Из воспоминаний Владимира Броневского: «Во время сражения адмиральский корабль «Твердый» столько приблизило к европейской крепости, что пули стали вредить. Адмирал приказал закрыть фонари и буксировать корабль шлюпками. Потеряв из виду огни, отличающие корабль главнокомандующего, весь флот чрезмерно был сим обеспокоен, и как в сие время лавировали мы пред входом в Дарданеллы, то проходя, спрашивали друг друга: «Где адмирал?» Но скоро среди неприятельского флота начался весьма правильный беглый огонь, дым прочистился, показались три фонаря, и мы крикнули «ура»! Это был Сенявин. На другой день, когда корабль «Сильный», поднятым с флагштока в половину брейд- вымпелом, известил о потере своего капитан-командора, мы, сожалея о славной смерти сего достойного начальника, обещавшего Отечеству хорошего адмирала, еще более опечалены были, не видя на стеньге «Твердого» вице-адмиральского флага. Не могу описать общего при сем смущения. Я, будучи при повторении сигналов, первый заметил сие и, смотря в зрительную трубу, не видя на стеньге флага, воображал или лучше мне казалось, что оный развевается. Капитан, вахтенный лейтенант и другие офицеры, бывшие на палубе, так же смотрели, и ничего не видя, бледнели и не смели спросить друг друга, жив или убит адмирал. Матрозы один за одним выходили на шканцы, смотрели, так же боялись сообщить друг другу свои мысли, искали предлога сойти в палубу и там в печальном молчании клали земные поклоны у образа. В таком расположении духа, подошли мы под корму «Твердого». Капитан наш вместо обыкновенного рапорта, спросил: «Здоров ли адмирал?» Нам отвечали: «Слава Богу!» Мы еще сомневались, но Дмитрий Николаевич показался в галерее. В одно слово раздалось у нас на фрегате громкое радостное «ура». Адмирал сделал знак, что хочет говорить, но матрозы не скоро могли умолкнуть и он, поклонившись, ушел».
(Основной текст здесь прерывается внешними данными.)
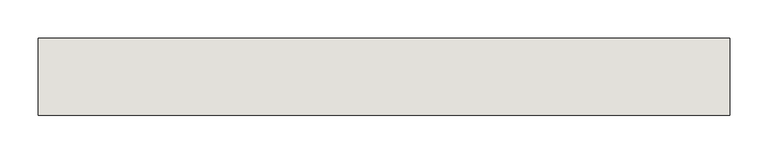
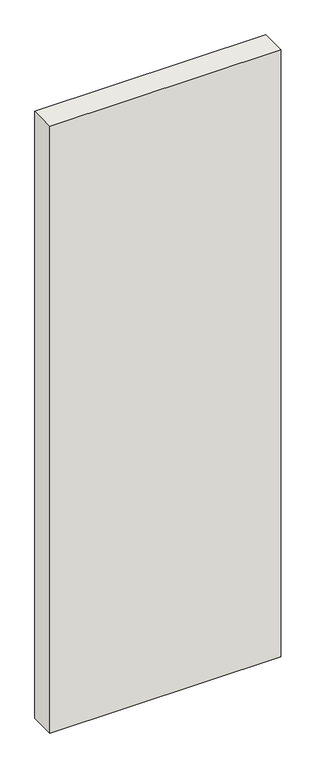
"""IFC4 building model written with IfcOpenShell, lengths in millimetres: wall geometry, Holzwand."""

from ifc_helpers import new_model, si_unit, origin, origin_with_axes, place, context, project, spatial, polyline, outline, extrude, source, transform, mapped, element, save


def wall_99b361a1(model_context):
    return source(origin(), model_context, "Body", "SweptSolid", [
        extrude(outline(polyline([(0.0, 100.0), (900.0, 100.0), (900.0, 0.0), (0.0, 0.0), (0.0, 100.0)])), origin_with_axes(), (0.0, 0.0, 1.0), 2500.0),
    ])


if __name__ == "__main__":
    model = new_model("IFC4")
    model_context = context("Model", 3, world=origin())
    ifc_project = project(units=[si_unit("LENGTHUNIT", "METRE", prefix="MILLI")], contexts=[model_context])
    site = spatial("IfcSite", under=ifc_project)
    building = spatial("IfcBuilding", under=site)
    placement = place(None, origin())
    wall_shape = wall_99b361a1(model_context)
    element("IfcWall", 1, ObjectType="Holzwand", at=placement, inside=building, context=model_context, shape_type="MappedRepresentation", body=[
        mapped(wall_shape, transform((0.0, 0.0, 0.0), x_axis=(1.0, 0.0, 0.0), y_axis=(0.0, 1.0, 0.0), z_axis=(0.0, 0.0, 1.0))),
    ])
    save(model, "model.ifc")

# Revit data of these elements
# Element 1 (IfcWall, "Holzwand")
#   Materials on its faces: "holzschalung"
# Materials
#   "holzschalung": class "Unassigned", colour RGB 128 128 128, transparency 0

Ближе к утру у берегов Мавро постепенно собралась вся эскадра. Остаток ночи прошел в исправлении повреждений и приготовлениях к возможному продолжению боя. Флаг-капитан Даниил Малеев шлюпкой обошел все корабли, выяснив потери. Вернувшись и подсчитав цифры, он доложил вице-адмиралу:

– Побитых двадцать шесть, да еще полсотни раненных! Среди убитых гардемарин и… капитан-командор Игнатьев.

Сенявин снял с головы треуголку, перекрестился:

– Мир праху твоему, Иван Александрович!

– Кто принял «Сильный»? – спосил, чуть погодя.

– Капитан-лейтенант Шишмарев!

– Дрался хорошо, пусть командует и далее!

Доложили командиры кораблей и о понесенных повреждениях. Как и следовало ожидать, наибольшую пакость причинили береговые батареи. На «Рафаиле» и «Ярославе» мраморными глыбами проломило оба борта. Досталось и флагманскому «Твердому». Линкор получил без малого десяток дыр в корпусе и с полсотни в парусах. Последнее ядро залетело на корабль уже за полночь и убило трех матросов. Это были последние жертвы сражения при Дарданеллах.

Вдалеке, дымно чадя, догорали турецкие корабли.


Сражение при Дарданеллах

Глава шестая

Константинопольский переворот

С восходом солнца следующего дня было обнаружено, что один из севших на камни под азиатским берегом турецких кораблей, так и не смог сняться с мели. Еще два линкора, один из которых под вице- адмиральским флагом, ночью унесло далеко в море, так, что догнать их было уже невозможно. Отойдя подальше, турки немного опомнились и теперь их корабли с перебитыми стеньгами торопливо буксировали к проливу гребные суда.

Некоторое время нашим оставалось разве что быть сторонними наблюдателями. До десяти утра ветер был противный, но затем роза ветров развернулась в нашу сторону. Немедленно, снявшись с якорей, корабли сблизились между собой и составили боевую линию. Когда ж ветер еще несколько прибавился, Сенявин вызвал к себе на борт Грейга.

– Не желаешь, ли проветриться, Алексей Самуилович?

– Никогда не против! – бодро ответил младший флагман.

– Тогда сбегай-ка к тому голубчику, что на каменьях сидит, и постарайся добить. Да и тех, кто прорываться желает, тоже не упусти! Кораблями, однако, зря не рискуй и людей береги!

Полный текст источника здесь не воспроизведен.